弁護士会強制加入と地域独占打破

弁護士会が受け入れ拒否した場合、実慾で修習生を受入れないことが何らかの法令違反になるかどうか・・・実際にそこまで行くと収拾のつかない亀裂になってしまいますので、疑問を持っても法的決着をつける動きにならない・円満解決の道を探る動きになるのでしょう。
法曹三者の場合、信頼関係がないと実務運用に支障が出るので沖縄知事のようなことは出来ません。
(本当はトランプであれ、韓国であれ積み重ねて来た合意を目先の利益のために一方的に破棄するとそのときには不利な契約破棄は有利でしょうが長期的にはその後遺症に苦しむことになるのが普通です・・翁長知事は日本国全全体と沖縄との関係にしこりが残る・・長期的信頼関係重視のニッポン民族気質から考えれない行動ですので敢えて外国勢力のためにそれを狙っているかの疑いを抱く人が増える原因です)
政府としては750人に増やすとき以来(250人増やすのに3年ほどの時間を掛けています)全て手順を踏んで日弁連と真摯に協議し同意を得てやって来た・・執行部の同意だけではなく、弁護士会臨時総会決議を待って進めて来た経緯があります。
責任は当時これを受入れた日弁連執行部にある・・そのとき弁護士大増員の旗ふりをして来た中坊元会長が厳しい批判対象になっています・・。
大増員の間違いが明らかになって来たとは言え、日弁連の意向を尊重して協議を経て来た重みを守るべき・・方向性修正するには2015年5月に1500人と決めた場合と同じような有識者会議の議を経る・・会議進行を早める努力をする必要があるとしても・・と言うのが政府の基本姿勢でしょう。
当面の解決は別としても昨日紹介したように5年も前から法学部希望者段階から縮小している現実・・法律家全体の地盤低下が進んでいる現状を見れば、結果的に1500人規模のままでは国家体制が持たない・・さらなる削減方向へ進めるしかないと思われます。
この意味では、千葉県会長の投げかけたインパクトは(そのまま直ぐに実現が出来ないとしても)政治的に時宜を得たものとなる可能性があります。
(内部的には執行部経験者を中心に対外意見表明ルール・慣行違反と言う批判の声が大きく内部で意見が割れていますが・それと対外インパクトの大きさは別でしょう。
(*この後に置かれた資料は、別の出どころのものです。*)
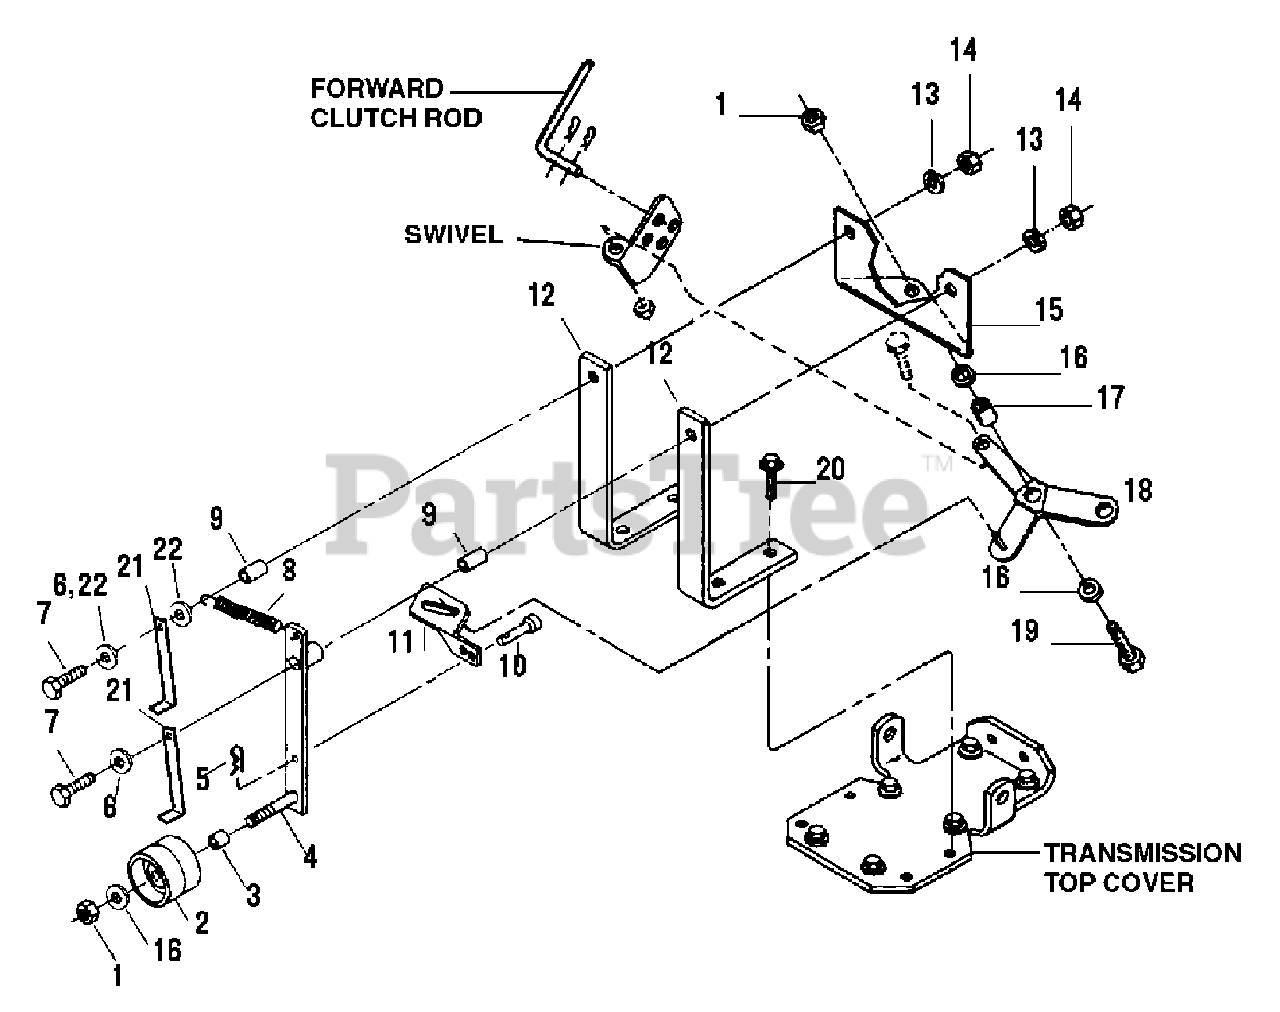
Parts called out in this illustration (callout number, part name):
1	Hex Locknut, 3/8-16
2	Idler Pulley, Forward
3	Spacer
4	Left Idler Arm, forward tiller direction
5	Hairpin Cotter
6	Plain Washer, 5/16
7	Hex Hd. Screw, 5/16-18 x 2-1/4
8	Spring
9	Pivot Bushing
10	Pin
11	Forward Link
12	Mounting Bar
13	Lockwasher, 5/16
14	Hex Nut, 5/16-18
15	Shifting Base
16	Spacer (Bushing)
17	Bushing (Bellcrank)
19	Hex Hd. Screw, 3/8-16 x 1-1/4
20	Hex Flange Screw, 5/16-18 x 1
21	Belt Guide, Forward Belt
22	Flat Washer, 5/16

)
日弁連も過去の経緯を踏まえると、更なる削減方向へ修正するしかないにしても段階を踏むべしと言う原則論になり、・・千葉県の要求の方向性で努力すると回答すれば千葉県も矛を収められます。
その場合、今年9月発表の合格者数が実際にどの程度減ったかが重要ですが、前年とほぼ変わらず→ほぼ同数の配属が来た段階で千葉県の主柱によれば、日弁連全体で1000人以上の受入れ拒否すべきだと言う主張になりそうですが、その主張に日弁連が乗れないときにどうするかです。
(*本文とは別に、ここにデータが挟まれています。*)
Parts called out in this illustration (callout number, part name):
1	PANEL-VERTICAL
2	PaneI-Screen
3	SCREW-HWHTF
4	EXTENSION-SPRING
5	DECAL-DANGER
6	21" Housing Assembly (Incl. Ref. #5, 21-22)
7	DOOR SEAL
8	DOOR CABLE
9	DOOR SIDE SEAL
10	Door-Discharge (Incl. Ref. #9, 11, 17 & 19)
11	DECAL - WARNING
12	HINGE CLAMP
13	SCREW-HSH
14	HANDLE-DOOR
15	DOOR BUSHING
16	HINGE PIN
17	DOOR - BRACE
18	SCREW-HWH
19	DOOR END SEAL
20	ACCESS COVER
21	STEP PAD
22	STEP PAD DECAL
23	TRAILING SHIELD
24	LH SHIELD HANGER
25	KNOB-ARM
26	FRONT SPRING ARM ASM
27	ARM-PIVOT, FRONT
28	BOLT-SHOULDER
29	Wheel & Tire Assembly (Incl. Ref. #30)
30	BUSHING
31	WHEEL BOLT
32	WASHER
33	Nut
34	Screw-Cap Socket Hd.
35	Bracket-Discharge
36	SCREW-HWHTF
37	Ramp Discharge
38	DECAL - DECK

千葉だけでも拒否シテこれに合わせて(合格者がほぼ変わらないのに千葉県への配属だけへらす?)他所に回すとした場合、千葉の「我がまま?」で済むのか?他所の県からも同様の主張が出たらどうするかと言う問題もあるので、日弁連対千葉県だけの協議での落としどころが微妙です。
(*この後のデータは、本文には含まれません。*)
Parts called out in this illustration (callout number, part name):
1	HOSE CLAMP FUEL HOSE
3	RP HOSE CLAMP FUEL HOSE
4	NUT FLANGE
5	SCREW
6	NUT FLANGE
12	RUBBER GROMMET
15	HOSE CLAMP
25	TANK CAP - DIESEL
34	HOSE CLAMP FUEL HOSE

この話し合いがつかず、千葉県に従来通り多くの修習生を配置して来たときに、千葉県弁護士会がその内1定数だけ拒否する・・(あいうえお順に何名までなど機械的?)しかないのでしょうか?
ここまで行くと拒否された修習生は行くところがなくなり混乱する・・政府としては、何らかの法的措置を検討することになり兼ねません。
強制加入と自治の関係に戻りますと、千葉県弁護士会で言えば、私たち同期入会員でちょうど百人を突破したところでした。
法務省の統計によれば弁護士法施行時の1950年にはその約半分でしたから、権力に対抗するための弁護士活動をするには、地域で団結していないと弁護士の権力に対抗する弁護活動が制約・・守れなかったでしょう。
ところが、今ではどんなに小さな県でも会員が百人前後に達していますし、千葉県でさえも今や800人近い大人数を擁しています。
東京では1つの事務所で数百人を擁する事務所まである時代ですから、都道府県で1つの単位会(東京だけ現在3単位会ですが)しか認めない合理性がありません。
権力と戦うためにはある程度の応援・団結が必要なことは確かですが、交通通信の発達した現在都府県単位でなければならない必然性はありません。
ちょっとした事件で全国的な大弁護団が結成されることが珍しくない時代・・単位会で個別事件の応援団を結成する応援する必要がない時代です。
そもそも団結の必要性ならば、一定人数以上の会員があればどこにでも設立出来るようにすべきですし、交通・通信の発達している現在では地域で縛る必要もないでしょう。
同一地域内・隣接都府県で数百人規模の単位界が入り乱れていたならば、思想や意見が合わないときには単位会を変えても事務所を移転する必要がありません・・現に東京3会はそうなっています。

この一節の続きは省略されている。